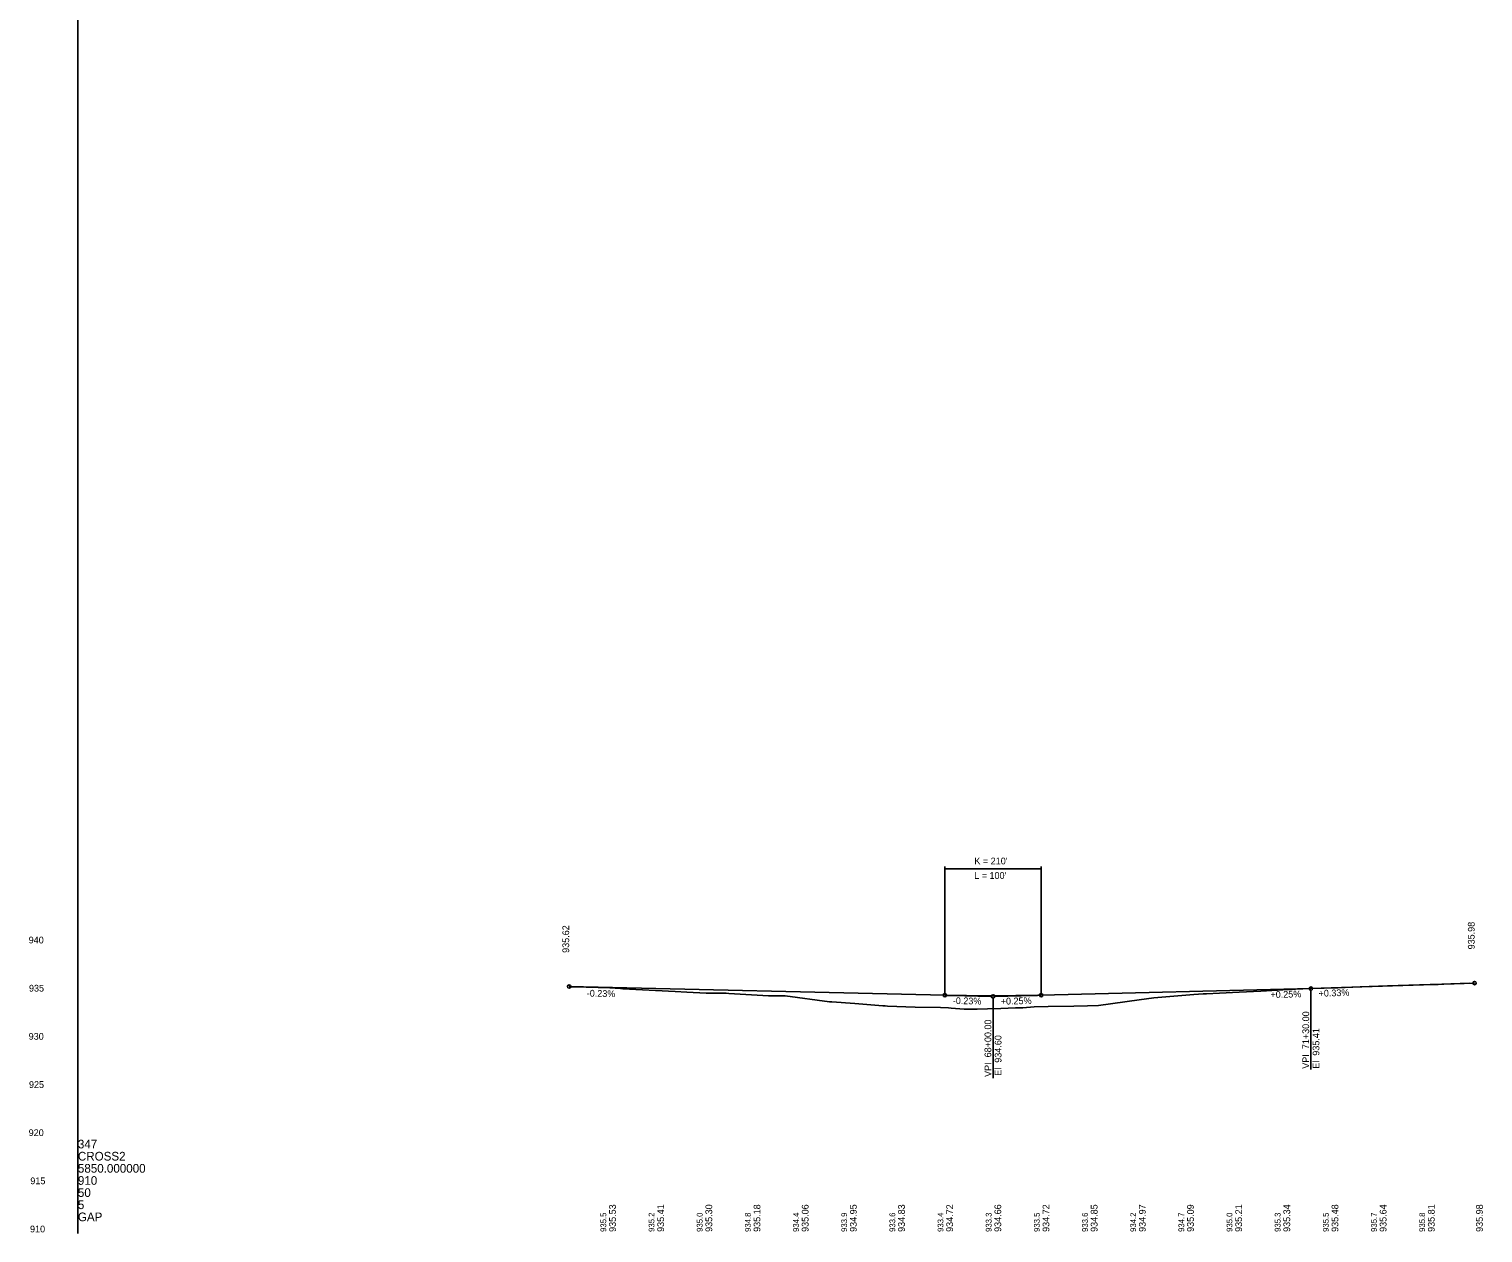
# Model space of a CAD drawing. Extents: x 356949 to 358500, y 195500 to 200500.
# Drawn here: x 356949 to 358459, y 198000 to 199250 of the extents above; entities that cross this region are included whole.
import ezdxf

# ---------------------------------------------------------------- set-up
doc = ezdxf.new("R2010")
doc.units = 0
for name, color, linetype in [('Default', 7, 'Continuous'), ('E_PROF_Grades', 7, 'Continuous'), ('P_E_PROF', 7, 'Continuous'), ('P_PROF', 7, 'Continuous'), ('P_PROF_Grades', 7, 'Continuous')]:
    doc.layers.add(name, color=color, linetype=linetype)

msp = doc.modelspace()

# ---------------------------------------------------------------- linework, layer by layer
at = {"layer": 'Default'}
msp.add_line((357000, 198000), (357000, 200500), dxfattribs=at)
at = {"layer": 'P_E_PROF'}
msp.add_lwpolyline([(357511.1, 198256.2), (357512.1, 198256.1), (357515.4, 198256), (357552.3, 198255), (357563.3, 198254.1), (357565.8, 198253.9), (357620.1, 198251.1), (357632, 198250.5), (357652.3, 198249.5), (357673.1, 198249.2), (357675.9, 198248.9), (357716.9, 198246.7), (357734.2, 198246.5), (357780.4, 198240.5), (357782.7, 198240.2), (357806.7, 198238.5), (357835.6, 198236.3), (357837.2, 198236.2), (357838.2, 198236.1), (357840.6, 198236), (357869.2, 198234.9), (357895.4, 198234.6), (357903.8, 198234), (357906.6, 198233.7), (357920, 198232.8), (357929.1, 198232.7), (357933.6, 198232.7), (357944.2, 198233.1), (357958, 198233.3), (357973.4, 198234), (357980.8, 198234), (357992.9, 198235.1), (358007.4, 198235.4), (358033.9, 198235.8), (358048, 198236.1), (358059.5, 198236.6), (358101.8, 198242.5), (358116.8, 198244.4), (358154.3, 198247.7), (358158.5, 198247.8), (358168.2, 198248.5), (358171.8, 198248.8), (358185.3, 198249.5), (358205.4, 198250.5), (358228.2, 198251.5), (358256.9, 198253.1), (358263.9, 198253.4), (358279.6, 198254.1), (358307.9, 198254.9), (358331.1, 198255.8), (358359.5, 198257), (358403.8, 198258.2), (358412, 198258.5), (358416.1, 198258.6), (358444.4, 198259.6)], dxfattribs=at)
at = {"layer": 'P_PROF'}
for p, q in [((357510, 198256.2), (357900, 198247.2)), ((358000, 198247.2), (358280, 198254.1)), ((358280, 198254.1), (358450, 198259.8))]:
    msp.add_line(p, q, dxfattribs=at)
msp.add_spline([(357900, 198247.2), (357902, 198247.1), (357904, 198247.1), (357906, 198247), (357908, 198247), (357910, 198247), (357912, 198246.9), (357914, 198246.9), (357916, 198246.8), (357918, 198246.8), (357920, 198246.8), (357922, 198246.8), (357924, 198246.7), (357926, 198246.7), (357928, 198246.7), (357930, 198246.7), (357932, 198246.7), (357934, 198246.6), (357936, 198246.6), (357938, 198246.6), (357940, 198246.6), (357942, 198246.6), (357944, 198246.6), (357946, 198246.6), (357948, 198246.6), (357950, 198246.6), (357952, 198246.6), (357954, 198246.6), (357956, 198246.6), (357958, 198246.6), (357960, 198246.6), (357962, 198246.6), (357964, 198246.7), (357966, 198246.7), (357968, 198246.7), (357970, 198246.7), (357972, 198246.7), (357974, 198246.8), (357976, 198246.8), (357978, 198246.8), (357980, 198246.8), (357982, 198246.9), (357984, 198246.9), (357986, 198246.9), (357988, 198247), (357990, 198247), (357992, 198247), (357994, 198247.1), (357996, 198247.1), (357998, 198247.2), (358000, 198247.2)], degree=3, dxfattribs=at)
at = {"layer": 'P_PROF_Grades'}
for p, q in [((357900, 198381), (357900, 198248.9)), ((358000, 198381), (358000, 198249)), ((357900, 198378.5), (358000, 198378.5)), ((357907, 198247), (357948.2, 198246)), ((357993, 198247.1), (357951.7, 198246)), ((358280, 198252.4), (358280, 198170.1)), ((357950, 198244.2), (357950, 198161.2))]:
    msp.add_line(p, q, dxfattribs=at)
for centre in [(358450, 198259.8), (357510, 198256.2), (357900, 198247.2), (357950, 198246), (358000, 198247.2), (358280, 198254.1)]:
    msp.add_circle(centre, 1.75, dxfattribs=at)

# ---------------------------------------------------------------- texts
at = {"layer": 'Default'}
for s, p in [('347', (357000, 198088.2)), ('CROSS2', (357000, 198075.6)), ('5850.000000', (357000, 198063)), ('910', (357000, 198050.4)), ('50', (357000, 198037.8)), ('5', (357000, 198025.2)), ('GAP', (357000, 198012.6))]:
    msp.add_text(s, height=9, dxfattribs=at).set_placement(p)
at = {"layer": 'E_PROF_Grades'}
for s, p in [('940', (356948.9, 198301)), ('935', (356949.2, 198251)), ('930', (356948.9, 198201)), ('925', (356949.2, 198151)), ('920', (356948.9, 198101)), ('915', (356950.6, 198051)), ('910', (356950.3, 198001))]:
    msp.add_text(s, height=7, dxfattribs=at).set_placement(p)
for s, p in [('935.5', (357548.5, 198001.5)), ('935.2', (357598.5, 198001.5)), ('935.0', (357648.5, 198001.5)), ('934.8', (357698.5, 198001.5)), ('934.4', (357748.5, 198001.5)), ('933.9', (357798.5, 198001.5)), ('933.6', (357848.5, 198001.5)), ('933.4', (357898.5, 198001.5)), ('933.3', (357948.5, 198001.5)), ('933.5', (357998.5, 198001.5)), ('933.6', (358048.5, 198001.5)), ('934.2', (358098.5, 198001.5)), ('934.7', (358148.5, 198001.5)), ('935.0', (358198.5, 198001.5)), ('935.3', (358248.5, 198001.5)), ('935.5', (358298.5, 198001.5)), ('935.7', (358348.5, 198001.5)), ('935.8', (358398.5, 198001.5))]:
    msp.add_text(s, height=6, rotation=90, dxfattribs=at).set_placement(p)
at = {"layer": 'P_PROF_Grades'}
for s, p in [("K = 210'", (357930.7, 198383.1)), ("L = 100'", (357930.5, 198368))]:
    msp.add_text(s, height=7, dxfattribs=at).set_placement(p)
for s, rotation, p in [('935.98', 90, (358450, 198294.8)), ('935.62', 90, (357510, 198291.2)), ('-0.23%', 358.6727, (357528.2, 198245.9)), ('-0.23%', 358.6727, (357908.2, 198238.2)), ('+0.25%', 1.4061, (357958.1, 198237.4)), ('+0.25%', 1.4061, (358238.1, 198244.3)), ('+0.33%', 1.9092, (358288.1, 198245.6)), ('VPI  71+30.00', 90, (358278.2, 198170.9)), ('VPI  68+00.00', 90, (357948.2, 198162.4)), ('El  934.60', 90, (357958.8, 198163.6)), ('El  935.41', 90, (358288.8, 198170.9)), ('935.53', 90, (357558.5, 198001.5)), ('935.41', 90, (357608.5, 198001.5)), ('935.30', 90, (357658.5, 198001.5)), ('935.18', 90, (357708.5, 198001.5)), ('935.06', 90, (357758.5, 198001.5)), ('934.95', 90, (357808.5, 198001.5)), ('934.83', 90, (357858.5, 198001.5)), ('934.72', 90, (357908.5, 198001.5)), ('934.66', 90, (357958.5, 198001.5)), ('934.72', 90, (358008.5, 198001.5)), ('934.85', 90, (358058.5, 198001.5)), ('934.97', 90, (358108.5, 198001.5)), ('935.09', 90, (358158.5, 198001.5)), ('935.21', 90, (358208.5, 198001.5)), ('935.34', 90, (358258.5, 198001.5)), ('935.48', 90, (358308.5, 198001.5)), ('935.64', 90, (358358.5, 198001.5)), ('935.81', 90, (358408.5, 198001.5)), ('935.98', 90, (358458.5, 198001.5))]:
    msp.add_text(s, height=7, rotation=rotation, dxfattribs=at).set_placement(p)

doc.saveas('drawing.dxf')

Work item:
Every line of the data that includes the word "centre" should be copied.

Answer to this task:
for centre in [(358450, 198259.8), (357510, 198256.2), (357900, 198247.2), (357950, 198246), (358000, 198247.2), (358280, 198254.1)]:
    msp.add_circle(centre, 1.75, dxfattribs=at)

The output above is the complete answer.